> _What the task requires_
Where a line in the listing below contains the word "bounding", copy that line.

> _Task input_
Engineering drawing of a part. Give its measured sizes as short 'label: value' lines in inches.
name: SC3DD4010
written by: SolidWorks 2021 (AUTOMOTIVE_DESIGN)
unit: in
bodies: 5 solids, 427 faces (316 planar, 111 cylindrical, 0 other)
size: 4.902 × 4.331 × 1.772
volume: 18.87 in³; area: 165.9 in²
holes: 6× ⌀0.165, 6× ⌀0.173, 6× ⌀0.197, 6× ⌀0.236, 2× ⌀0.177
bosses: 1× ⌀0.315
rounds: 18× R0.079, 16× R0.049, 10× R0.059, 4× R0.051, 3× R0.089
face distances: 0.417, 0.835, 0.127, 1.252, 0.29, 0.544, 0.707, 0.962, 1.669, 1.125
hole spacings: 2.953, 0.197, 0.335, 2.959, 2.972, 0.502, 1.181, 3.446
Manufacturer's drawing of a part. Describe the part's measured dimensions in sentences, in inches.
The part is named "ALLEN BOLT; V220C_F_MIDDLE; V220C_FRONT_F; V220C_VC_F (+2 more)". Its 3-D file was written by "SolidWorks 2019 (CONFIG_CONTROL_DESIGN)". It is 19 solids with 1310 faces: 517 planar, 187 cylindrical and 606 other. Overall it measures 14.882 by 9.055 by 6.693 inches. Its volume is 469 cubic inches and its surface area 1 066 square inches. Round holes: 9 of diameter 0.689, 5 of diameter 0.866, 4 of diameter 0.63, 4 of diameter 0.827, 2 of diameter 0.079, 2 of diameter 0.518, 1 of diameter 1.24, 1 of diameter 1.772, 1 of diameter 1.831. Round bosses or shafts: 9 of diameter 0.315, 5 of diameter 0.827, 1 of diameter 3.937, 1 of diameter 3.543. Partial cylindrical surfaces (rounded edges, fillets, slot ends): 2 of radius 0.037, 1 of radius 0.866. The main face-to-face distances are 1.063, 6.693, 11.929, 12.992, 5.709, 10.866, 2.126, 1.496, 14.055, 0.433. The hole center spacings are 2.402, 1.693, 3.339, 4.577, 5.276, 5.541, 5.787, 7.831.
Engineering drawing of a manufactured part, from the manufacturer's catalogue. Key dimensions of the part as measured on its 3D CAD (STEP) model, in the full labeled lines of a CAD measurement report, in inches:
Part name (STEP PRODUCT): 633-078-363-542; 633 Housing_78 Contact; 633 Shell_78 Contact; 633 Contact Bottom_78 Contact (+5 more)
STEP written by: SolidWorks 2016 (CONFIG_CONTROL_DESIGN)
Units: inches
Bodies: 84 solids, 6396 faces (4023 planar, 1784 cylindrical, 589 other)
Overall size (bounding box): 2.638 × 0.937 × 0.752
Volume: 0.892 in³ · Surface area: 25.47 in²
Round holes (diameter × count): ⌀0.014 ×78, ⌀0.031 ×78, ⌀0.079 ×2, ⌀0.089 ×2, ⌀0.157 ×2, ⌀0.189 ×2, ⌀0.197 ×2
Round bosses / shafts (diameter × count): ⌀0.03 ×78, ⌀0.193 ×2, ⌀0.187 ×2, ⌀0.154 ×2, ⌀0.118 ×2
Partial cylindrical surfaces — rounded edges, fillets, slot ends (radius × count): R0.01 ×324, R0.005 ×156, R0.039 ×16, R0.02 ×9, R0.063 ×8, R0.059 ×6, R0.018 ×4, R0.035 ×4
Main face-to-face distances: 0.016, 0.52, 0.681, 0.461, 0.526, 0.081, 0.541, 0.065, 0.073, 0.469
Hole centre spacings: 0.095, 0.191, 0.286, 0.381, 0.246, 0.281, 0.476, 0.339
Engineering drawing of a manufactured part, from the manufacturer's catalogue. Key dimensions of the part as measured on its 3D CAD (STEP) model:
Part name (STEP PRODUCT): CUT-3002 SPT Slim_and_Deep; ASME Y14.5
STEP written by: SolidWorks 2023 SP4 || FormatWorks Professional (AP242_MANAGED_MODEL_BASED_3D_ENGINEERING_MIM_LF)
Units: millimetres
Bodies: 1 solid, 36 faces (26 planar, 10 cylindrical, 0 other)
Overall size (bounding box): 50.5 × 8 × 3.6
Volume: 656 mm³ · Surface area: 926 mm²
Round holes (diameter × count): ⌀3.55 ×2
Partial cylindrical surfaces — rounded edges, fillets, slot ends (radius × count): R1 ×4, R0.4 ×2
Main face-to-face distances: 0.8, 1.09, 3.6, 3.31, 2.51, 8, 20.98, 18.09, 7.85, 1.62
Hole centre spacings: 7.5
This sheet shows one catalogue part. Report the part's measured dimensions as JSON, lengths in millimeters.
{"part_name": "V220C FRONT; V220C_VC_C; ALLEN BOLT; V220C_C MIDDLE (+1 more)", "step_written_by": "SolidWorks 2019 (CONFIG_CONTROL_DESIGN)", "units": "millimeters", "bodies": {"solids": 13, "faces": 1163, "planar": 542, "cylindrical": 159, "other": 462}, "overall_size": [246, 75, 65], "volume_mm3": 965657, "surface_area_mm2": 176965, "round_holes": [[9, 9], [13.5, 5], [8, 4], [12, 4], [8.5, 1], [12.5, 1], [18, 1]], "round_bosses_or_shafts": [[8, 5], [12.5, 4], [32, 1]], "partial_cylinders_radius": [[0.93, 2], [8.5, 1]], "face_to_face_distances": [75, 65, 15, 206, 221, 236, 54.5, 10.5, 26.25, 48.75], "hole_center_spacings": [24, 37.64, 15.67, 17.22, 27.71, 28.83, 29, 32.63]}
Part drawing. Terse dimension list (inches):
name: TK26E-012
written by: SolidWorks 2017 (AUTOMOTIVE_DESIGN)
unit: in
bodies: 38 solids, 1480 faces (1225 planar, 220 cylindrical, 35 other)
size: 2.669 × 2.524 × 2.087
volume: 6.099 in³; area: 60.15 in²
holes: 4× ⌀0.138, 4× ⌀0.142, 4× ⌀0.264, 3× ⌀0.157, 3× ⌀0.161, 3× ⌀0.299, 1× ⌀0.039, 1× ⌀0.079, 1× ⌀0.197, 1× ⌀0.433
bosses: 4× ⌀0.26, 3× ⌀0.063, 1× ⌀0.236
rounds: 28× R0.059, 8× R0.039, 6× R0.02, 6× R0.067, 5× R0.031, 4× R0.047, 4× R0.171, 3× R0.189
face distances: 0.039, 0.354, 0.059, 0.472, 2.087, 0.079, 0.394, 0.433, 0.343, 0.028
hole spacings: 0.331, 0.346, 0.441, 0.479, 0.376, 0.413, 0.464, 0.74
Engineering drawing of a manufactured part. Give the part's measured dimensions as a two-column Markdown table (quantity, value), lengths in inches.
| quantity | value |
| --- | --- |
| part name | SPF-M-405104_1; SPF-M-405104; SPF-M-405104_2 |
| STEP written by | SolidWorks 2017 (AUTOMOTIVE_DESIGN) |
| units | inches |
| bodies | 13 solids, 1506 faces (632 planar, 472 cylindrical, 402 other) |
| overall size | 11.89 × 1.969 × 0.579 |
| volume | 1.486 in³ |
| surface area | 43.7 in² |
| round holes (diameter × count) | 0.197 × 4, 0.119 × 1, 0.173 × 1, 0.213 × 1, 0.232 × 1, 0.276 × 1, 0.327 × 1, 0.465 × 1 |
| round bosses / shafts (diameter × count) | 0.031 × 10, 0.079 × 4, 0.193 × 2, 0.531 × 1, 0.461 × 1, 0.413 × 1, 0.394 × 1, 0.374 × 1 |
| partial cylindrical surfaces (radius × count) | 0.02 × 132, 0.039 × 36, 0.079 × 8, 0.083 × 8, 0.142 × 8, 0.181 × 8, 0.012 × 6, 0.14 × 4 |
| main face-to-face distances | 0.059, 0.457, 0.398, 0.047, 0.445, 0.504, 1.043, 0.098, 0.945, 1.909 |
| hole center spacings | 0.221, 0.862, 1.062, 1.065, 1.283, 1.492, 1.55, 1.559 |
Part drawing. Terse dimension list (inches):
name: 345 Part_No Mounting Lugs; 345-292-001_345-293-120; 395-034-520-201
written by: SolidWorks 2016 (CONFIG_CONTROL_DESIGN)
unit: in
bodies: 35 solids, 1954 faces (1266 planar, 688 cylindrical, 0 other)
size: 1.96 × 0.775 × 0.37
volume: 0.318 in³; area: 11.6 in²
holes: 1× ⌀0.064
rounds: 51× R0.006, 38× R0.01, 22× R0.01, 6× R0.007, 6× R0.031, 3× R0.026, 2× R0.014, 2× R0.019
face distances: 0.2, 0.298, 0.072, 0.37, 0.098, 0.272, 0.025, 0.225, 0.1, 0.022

> _Exercise solution_
Overall size (bounding box): 2.638 × 0.937 × 0.752
Overall size (bounding box): 50.5 × 8 × 3.6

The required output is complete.